[Saved data entries]
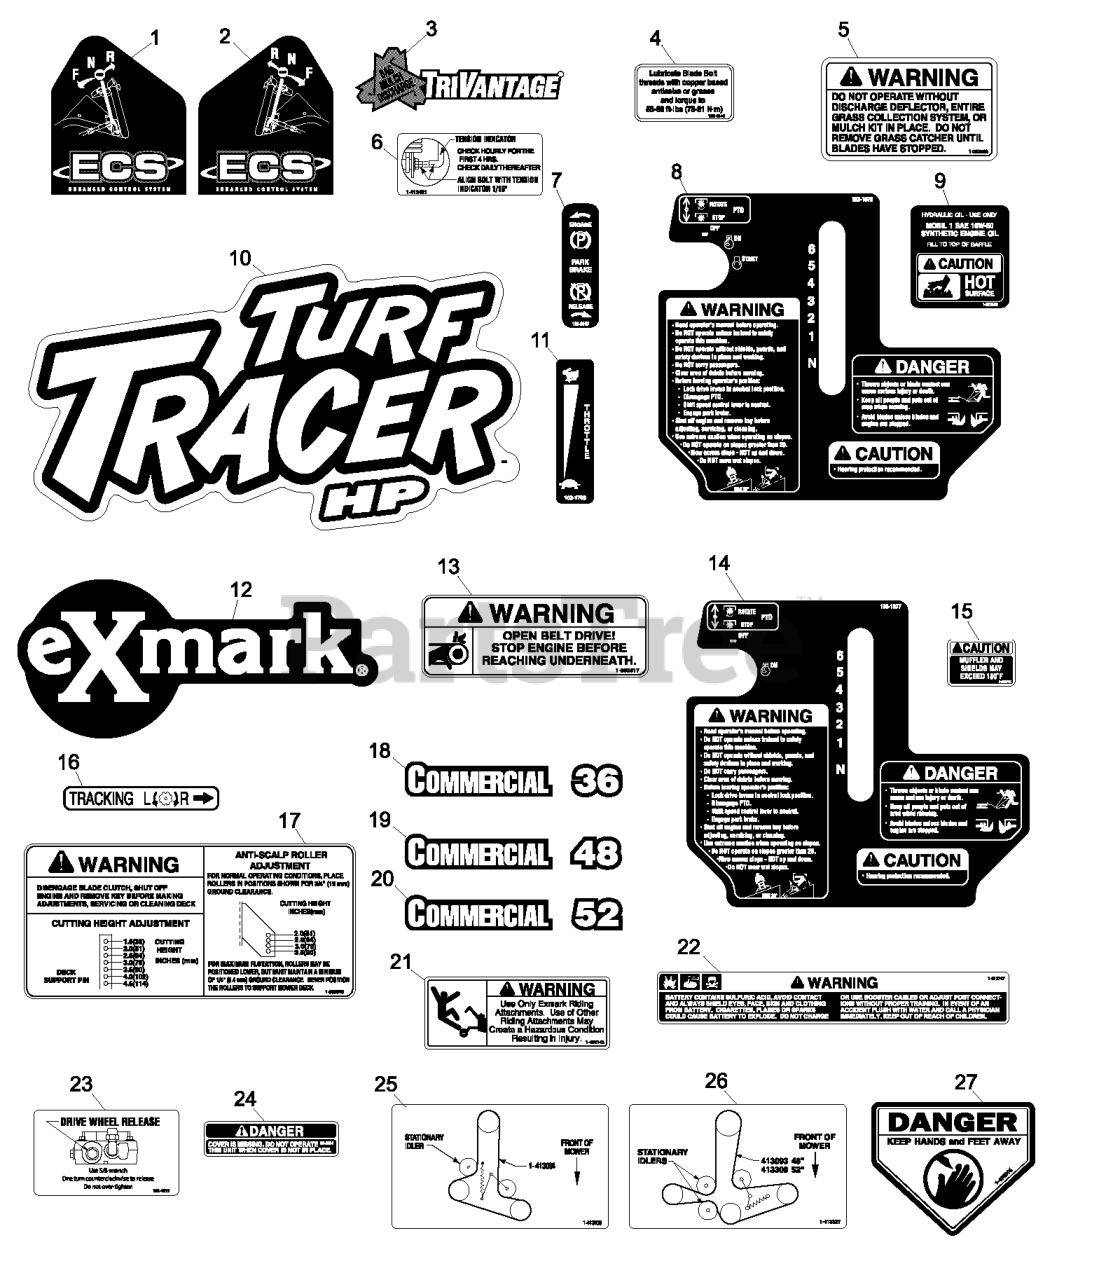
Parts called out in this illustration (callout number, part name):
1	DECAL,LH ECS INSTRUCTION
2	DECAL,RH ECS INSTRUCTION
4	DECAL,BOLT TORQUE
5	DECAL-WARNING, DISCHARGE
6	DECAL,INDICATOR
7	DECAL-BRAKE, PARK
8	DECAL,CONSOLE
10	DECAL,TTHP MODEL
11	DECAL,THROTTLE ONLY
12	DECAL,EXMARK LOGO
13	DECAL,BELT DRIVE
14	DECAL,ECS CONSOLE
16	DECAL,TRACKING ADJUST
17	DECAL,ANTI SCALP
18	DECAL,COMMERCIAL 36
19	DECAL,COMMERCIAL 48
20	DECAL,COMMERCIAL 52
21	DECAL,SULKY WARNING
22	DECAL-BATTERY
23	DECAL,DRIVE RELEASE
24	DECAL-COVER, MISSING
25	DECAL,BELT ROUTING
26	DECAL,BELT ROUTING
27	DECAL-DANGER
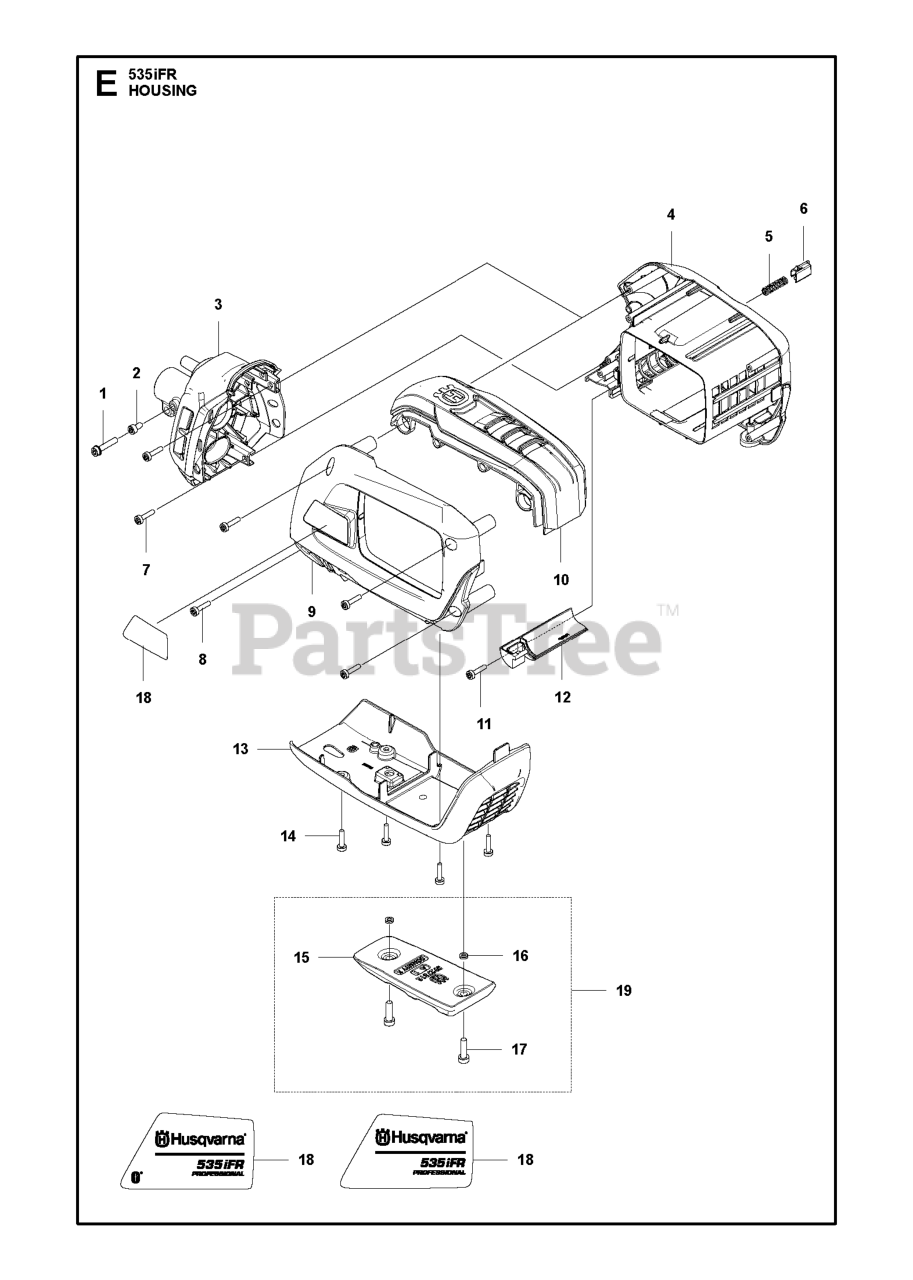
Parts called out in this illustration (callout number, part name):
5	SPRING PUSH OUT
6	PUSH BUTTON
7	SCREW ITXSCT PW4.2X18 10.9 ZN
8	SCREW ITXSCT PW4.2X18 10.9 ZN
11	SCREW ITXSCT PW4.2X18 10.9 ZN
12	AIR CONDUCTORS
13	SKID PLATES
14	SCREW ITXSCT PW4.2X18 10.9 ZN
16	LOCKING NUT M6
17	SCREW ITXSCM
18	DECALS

### What you have to do
If a line above contains the word "WARNING", list it.

### Task output
5	DECAL-WARNING, DISCHARGE
21	DECAL,SULKY WARNING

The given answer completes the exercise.